The second one is especially hard to grok for non-techies. I have to explain that if you insist on accurate estimates, you will get grossly padded estimates [0]. And the work will expand to fit the time available (sometimes resulting in the task exceeding even the massively padded estimates because the work expanded with the estimate). I've had many entertaining conversations attempting to explain this.
[0] Because every developer knows that an estimate will magically become a deadline.
> 2. Accurate estimation of development times is impossible (not difficult, actually theoretically impossible). All estimates of development times are wrong, some by more than an order of magnitude.
Personally now-a-days I care more about velocity. If the team can deliver the smallest value added to the system within a week, we are good. The more constant velocity the team has, the more Management trusts you to produce value and get their things done without the need to have massive estimation parties that almost always end up being wrong.

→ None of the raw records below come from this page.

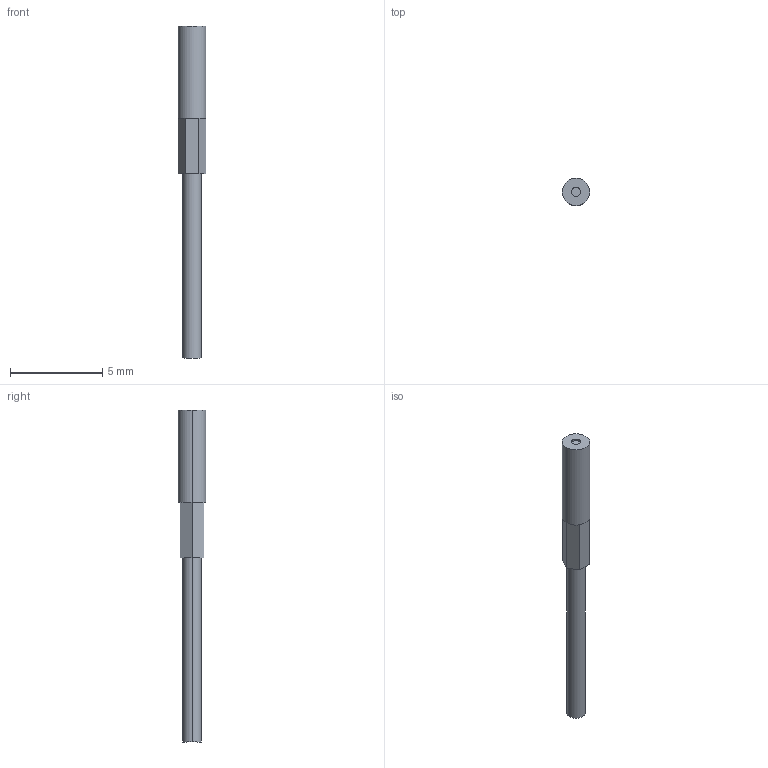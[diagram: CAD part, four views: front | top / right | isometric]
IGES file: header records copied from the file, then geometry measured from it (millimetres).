
Start section: SolidWorks IGES FILE using analytic representation for surfaces
Global section: file name: \\intra-srv04\開発データ\CAD_Data\CAD委員会\3D電子ｶﾀﾛｸﾞ\製品カタログ（新）\0_IGES\FT-WS4.IGS,41HSolidWorks 2004; native system: by SolidWorks Corporation; preprocessor: Version 5.3; author: mf1158; date: 050908.112643; units: millimetre
Bounding box: 1.5 x 1.5 x 18 mm (x, y, z)
Volume: 21.1 mm3; surface area: 72.2 mm2
Topology: 1 solids, 1 shells, 22 faces, 40 edges, 22 vertices
Faces by surface type: plane 16, revolution 6
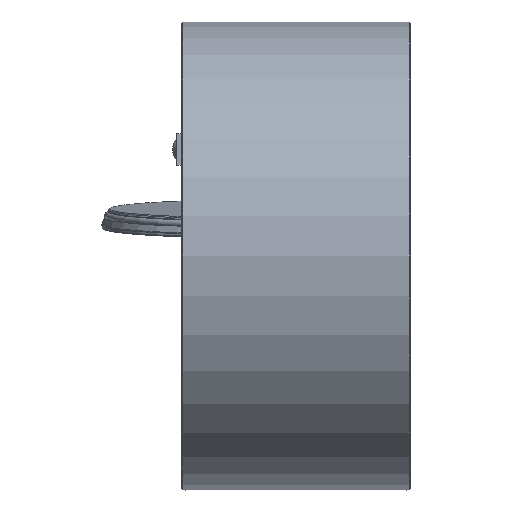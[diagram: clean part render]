
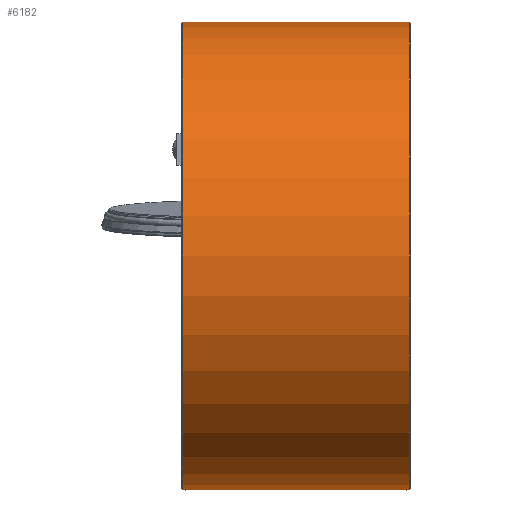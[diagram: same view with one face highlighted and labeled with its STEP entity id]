
A CAD part, left-side view. The second image highlights one B-rep face of the part: STEP entity #6182.
In plain terms, the highlighted cylindrical face has radius 112.5 mm (diameter 225 mm), a full revolution.
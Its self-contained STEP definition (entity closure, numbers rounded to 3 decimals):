
#4961=CYLINDRICAL_SURFACE('',#23359,112.5);
#6182=ADVANCED_FACE('',(#8863,#8864,#8865),#4961,.T.);
#7894=CIRCLE('',#23312,112.5);
#7910=CIRCLE('',#23330,112.5);
#7927=CIRCLE('',#23351,112.5);
#7928=CIRCLE('',#23352,112.5);
#7929=CIRCLE('',#23353,112.5);
#7930=CIRCLE('',#23354,112.5);
#7931=CIRCLE('',#23355,112.5);
#7932=CIRCLE('',#23356,112.5);
#7933=CIRCLE('',#23357,112.5);
#7934=CIRCLE('',#23358,112.5);
#8863=FACE_BOUND('',#10198,.T.);
#8864=FACE_BOUND('',#10199,.T.);
#8865=FACE_BOUND('',#10200,.T.);
#10198=EDGE_LOOP('',(#12775,#12776,#12777,#12778,#12779,#12780,#12781,#12782));
#10199=EDGE_LOOP('',(#12783,#12784,#12785,#12786,#12787,#12788,#12789,#12790));
#10200=EDGE_LOOP('',(#12791,#12792,#12793,#12794));
#12775=ORIENTED_EDGE('',*,*,#18592,.T.);
#12776=ORIENTED_EDGE('',*,*,#18549,.F.);
#12777=ORIENTED_EDGE('',*,*,#18593,.F.);
#12778=ORIENTED_EDGE('',*,*,#18594,.F.);
#12779=ORIENTED_EDGE('',*,*,#18595,.T.);
#12780=ORIENTED_EDGE('',*,*,#18596,.F.);
#12781=ORIENTED_EDGE('',*,*,#18597,.F.);
#12782=ORIENTED_EDGE('',*,*,#18598,.F.);
#12783=ORIENTED_EDGE('',*,*,#18599,.F.);
#12784=ORIENTED_EDGE('',*,*,#18569,.T.);
#12785=ORIENTED_EDGE('',*,*,#18600,.T.);
#12786=ORIENTED_EDGE('',*,*,#18601,.F.);
#12787=ORIENTED_EDGE('',*,*,#18602,.T.);
#12788=ORIENTED_EDGE('',*,*,#18603,.T.);
#12789=ORIENTED_EDGE('',*,*,#18604,.F.);
#12790=ORIENTED_EDGE('',*,*,#18605,.T.);
#12791=ORIENTED_EDGE('',*,*,#18606,.F.);
#12792=ORIENTED_EDGE('',*,*,#18607,.F.);
#12793=ORIENTED_EDGE('',*,*,#18608,.F.);
#12794=ORIENTED_EDGE('',*,*,#18609,.F.);
#16608=VERTEX_POINT('',#32112);
#16609=VERTEX_POINT('',#32117);
#16627=VERTEX_POINT('',#32158);
#16629=VERTEX_POINT('',#32165);
#16650=VERTEX_POINT('',#32220);
#16651=VERTEX_POINT('',#32222);
#16652=VERTEX_POINT('',#32224);
#16653=VERTEX_POINT('',#32226);
#16654=VERTEX_POINT('',#32228);
#16655=VERTEX_POINT('',#32230);
#16656=VERTEX_POINT('',#32233);
#16657=VERTEX_POINT('',#32235);
#16658=VERTEX_POINT('',#32237);
#16659=VERTEX_POINT('',#32239);
#16660=VERTEX_POINT('',#32241);
#16661=VERTEX_POINT('',#32243);
#16662=VERTEX_POINT('',#32246);
#16663=VERTEX_POINT('',#32247);
#16664=VERTEX_POINT('',#32249);
#16665=VERTEX_POINT('',#32251);
#18549=EDGE_CURVE('',#16609,#16608,#7894,.T.);
#18569=EDGE_CURVE('',#16627,#16629,#7910,.T.);
#18592=EDGE_CURVE('',#16650,#16608,#20638,.T.);
#18593=EDGE_CURVE('',#16651,#16609,#20639,.T.);
#18594=EDGE_CURVE('',#16652,#16651,#7927,.T.);
#18595=EDGE_CURVE('',#16652,#16653,#20640,.T.);
#18596=EDGE_CURVE('',#16654,#16653,#7928,.T.);
#18597=EDGE_CURVE('',#16655,#16654,#20641,.T.);
#18598=EDGE_CURVE('',#16650,#16655,#7929,.T.);
#18599=EDGE_CURVE('',#16627,#16656,#20642,.T.);
#18600=EDGE_CURVE('',#16629,#16657,#20643,.T.);
#18601=EDGE_CURVE('',#16658,#16657,#7930,.T.);
#18602=EDGE_CURVE('',#16658,#16659,#20644,.T.);
#18603=EDGE_CURVE('',#16659,#16660,#7931,.T.);
#18604=EDGE_CURVE('',#16661,#16660,#20645,.T.);
#18605=EDGE_CURVE('',#16661,#16656,#7932,.T.);
#18606=EDGE_CURVE('',#16662,#16663,#7933,.T.);
#18607=EDGE_CURVE('',#16664,#16662,#20646,.T.);
#18608=EDGE_CURVE('',#16665,#16664,#7934,.T.);
#18609=EDGE_CURVE('',#16663,#16665,#20647,.T.);
#20638=LINE('',#32219,#21918);
#20639=LINE('',#32221,#21919);
#20640=LINE('',#32225,#21920);
#20641=LINE('',#32229,#21921);
#20642=LINE('',#32232,#21922);
#20643=LINE('',#32234,#21923);
#20644=LINE('',#32238,#21924);
#20645=LINE('',#32242,#21925);
#20646=LINE('',#32248,#21926);
#20647=LINE('',#32252,#21927);
#21918=VECTOR('',#26391,1.);
#21919=VECTOR('',#26392,1.);
#21920=VECTOR('',#26395,1.);
#21921=VECTOR('',#26398,1.);
#21922=VECTOR('',#26401,1.);
#21923=VECTOR('',#26402,1.);
#21924=VECTOR('',#26405,1.);
#21925=VECTOR('',#26408,1.);
#21926=VECTOR('',#26413,1.);
#21927=VECTOR('',#26416,1.);
#23312=AXIS2_PLACEMENT_3D('',#32118,#26307,#26308);
#23330=AXIS2_PLACEMENT_3D('',#32166,#26345,#26346);
#23351=AXIS2_PLACEMENT_3D('',#32223,#26393,#26394);
#23352=AXIS2_PLACEMENT_3D('',#32227,#26396,#26397);
#23353=AXIS2_PLACEMENT_3D('',#32231,#26399,#26400);
#23354=AXIS2_PLACEMENT_3D('',#32236,#26403,#26404);
#23355=AXIS2_PLACEMENT_3D('',#32240,#26406,#26407);
#23356=AXIS2_PLACEMENT_3D('',#32244,#26409,#26410);
#23357=AXIS2_PLACEMENT_3D('',#32245,#26411,#26412);
#23358=AXIS2_PLACEMENT_3D('',#32250,#26414,#26415);
#23359=AXIS2_PLACEMENT_3D('',#32253,#26417,#26418);
#26307=DIRECTION('',(-1.,0.,0.));
#26308=DIRECTION('',(0.,0.,1.));
#26345=DIRECTION('',(-1.,0.,0.));
#26346=DIRECTION('',(0.,0.,1.));
#26391=DIRECTION('',(-1.,0.,0.));
#26392=DIRECTION('',(-1.,0.,0.));
#26393=DIRECTION('',(-1.,0.,0.));
#26394=DIRECTION('',(0.,0.,1.));
#26395=DIRECTION('',(-1.,0.,0.));
#26396=DIRECTION('',(-1.,0.,0.));
#26397=DIRECTION('',(0.,0.,1.));
#26398=DIRECTION('',(-1.,0.,0.));
#26399=DIRECTION('',(-1.,0.,0.));
#26400=DIRECTION('',(0.,0.,-1.));
#26401=DIRECTION('',(-1.,0.,0.));
#26402=DIRECTION('',(-1.,0.,0.));
#26403=DIRECTION('',(1.,0.,0.));
#26404=DIRECTION('',(0.,0.,1.));
#26405=DIRECTION('',(1.,0.,0.));
#26406=DIRECTION('',(-1.,0.,0.));
#26407=DIRECTION('',(0.,0.,1.));
#26408=DIRECTION('',(1.,0.,0.));
#26409=DIRECTION('',(-1.,0.,0.));
#26410=DIRECTION('',(0.,0.,-1.));
#26411=DIRECTION('',(-1.,0.,0.));
#26412=DIRECTION('',(0.,0.,-1.));
#26413=DIRECTION('',(1.,0.,0.));
#26414=DIRECTION('',(1.,0.,0.));
#26415=DIRECTION('',(0.,0.,1.));
#26416=DIRECTION('',(-1.,0.,0.));
#26417=DIRECTION('',(-1.,0.,0.));
#26418=DIRECTION('',(0.,0.,1.));
#32112=CARTESIAN_POINT('',(0.5,3.,-112.46));
#32117=CARTESIAN_POINT('',(0.5,3.,112.46));
#32118=CARTESIAN_POINT('',(0.5,0.,0.));
#32158=CARTESIAN_POINT('',(109.5,-3.,-112.46));
#32165=CARTESIAN_POINT('',(109.5,-3.,112.46));
#32166=CARTESIAN_POINT('',(109.5,0.,0.));
#32219=CARTESIAN_POINT('',(2.,3.,-112.46));
#32220=CARTESIAN_POINT('',(2.,3.,-112.46));
#32221=CARTESIAN_POINT('',(2.,3.,112.46));
#32222=CARTESIAN_POINT('',(2.,3.,112.46));
#32223=CARTESIAN_POINT('',(2.,0.,0.));
#32224=CARTESIAN_POINT('',(2.,-3.,112.46));
#32225=CARTESIAN_POINT('',(2.,-3.,112.46));
#32226=CARTESIAN_POINT('',(0.5,-3.,112.46));
#32227=CARTESIAN_POINT('',(0.5,0.,0.));
#32228=CARTESIAN_POINT('',(0.5,-3.,-112.46));
#32229=CARTESIAN_POINT('',(2.,-3.,-112.46));
#32230=CARTESIAN_POINT('',(2.,-3.,-112.46));
#32231=CARTESIAN_POINT('',(2.,0.,0.));
#32232=CARTESIAN_POINT('',(0.,-3.,-112.46));
#32233=CARTESIAN_POINT('',(108.,-3.,-112.46));
#32234=CARTESIAN_POINT('',(0.,-3.,112.46));
#32235=CARTESIAN_POINT('',(108.,-3.,112.46));
#32236=CARTESIAN_POINT('',(108.,0.,0.));
#32237=CARTESIAN_POINT('',(108.,3.,112.46));
#32238=CARTESIAN_POINT('',(0.,3.,112.46));
#32239=CARTESIAN_POINT('',(109.5,3.,112.46));
#32240=CARTESIAN_POINT('',(109.5,0.,0.));
#32241=CARTESIAN_POINT('',(109.5,3.,-112.46));
#32242=CARTESIAN_POINT('',(0.,3.,-112.46));
#32243=CARTESIAN_POINT('',(108.,3.,-112.46));
#32244=CARTESIAN_POINT('',(108.,0.,0.));
#32245=CARTESIAN_POINT('',(99.038,0.,0.));
#32246=CARTESIAN_POINT('',(99.038,98.,55.247));
#32247=CARTESIAN_POINT('',(99.038,98.,-55.247));
#32248=CARTESIAN_POINT('',(0.,98.,55.247));
#32249=CARTESIAN_POINT('',(50.963,98.,55.247));
#32250=CARTESIAN_POINT('',(50.963,0.,0.));
#32251=CARTESIAN_POINT('',(50.963,98.,-55.247));
#32252=CARTESIAN_POINT('',(0.,98.,-55.247));
#32253=CARTESIAN_POINT('',(0.,0.,0.));
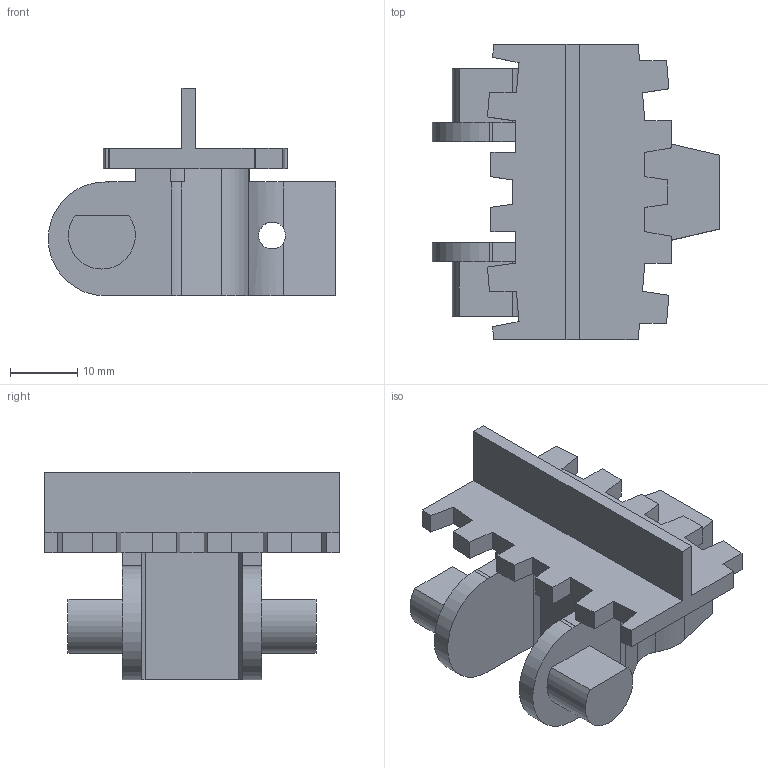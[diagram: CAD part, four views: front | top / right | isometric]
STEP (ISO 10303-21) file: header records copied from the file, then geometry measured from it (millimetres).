
FILE_DESCRIPTION (( 'STEP AP214' ), '1' );
FILE_NAME ('FKTF 5x9G-P.STEP', '2011-09-28T07:14:13', ( '.' ), ( '' ), 'SwSTEP 2.0', 'SolidWorks 2010', '' );
FILE_SCHEMA (( 'AUTOMOTIVE_DESIGN' ));
Length unit declared in the file: millimetre
Products named in the file (1): FKTF 5x9G-P
Bounding box: 42.9 x 44 x 31 mm (x, y, z)
Volume: 12626.8 mm3; surface area: 7248.6 mm2
Topology: 1 solids, 1 shells, 96 faces, 279 edges, 186 vertices
Faces by surface type: plane 79, cylinder 17
Entity records: 3253 total; most frequent: CARTESIAN_POINT 660, ORIENTED_EDGE 558, DIRECTION 497, EDGE_CURVE 279, VECTOR 239, LINE 239, VERTEX_POINT 186, AXIS2_PLACEMENT_3D 129

The sad thing is, once the velocity gets bogged up or waving (Org change, contantly changing directions,..) the estimation parties are here to stay and it's quite hard to get back to where the team was.
> 2. Accurate estimation of development times is impossible (not difficult, actually theoretically impossible). All estimates of development times are wrong, some by more than an order of magnitude.
Some are useful. The goal isn’t to be right in that there’s no award for perfect estimates, that would be stupid. But having an estimate, especially with relevance to multiple features is helpful.
At one time a team I worked on used “story point cards” and each person would estimate blindly and the discuss. It was interesting hearing people’s reasons behind their magnitudes.
Over time the story estimates got pretty good. But the number was completely useless objectively and made no sense when comparing teams or different projects.
Yeah, there are methods of getting to a useful "it's about this big" estimate.
The real pain is turning estimates into deadlines. "About this big" doesn't equate to "it'll be finished on Thursday".
2 replies →
> The second one is especially hard to grok for non-techies. I have to explain that if you insist on accurate estimates, you will get grossly padded estimates [0]. And the work will expand to fit the time available (sometimes resulting in the task exceeding even the massively padded estimates because the work expanded with the estimate). I've had many entertaining conversations attempting to explain this.
Sounds like Hofstadter's law.
"Hofstadter's Law: It always takes longer than you expect, even when you take into account Hofstadter's Law."
[1]: https://en.wikipedia.org/wiki/Hofstadter%27s_law
Now think about money as a metric for human prosperity. Which creatures really roam the markets and where is mankind's place there? Is any dynamic stability of intrinsic value to us? (Not trying to be edgy, or deep, I just think those are the questions indeed usually not answered by free market enthusiasts.)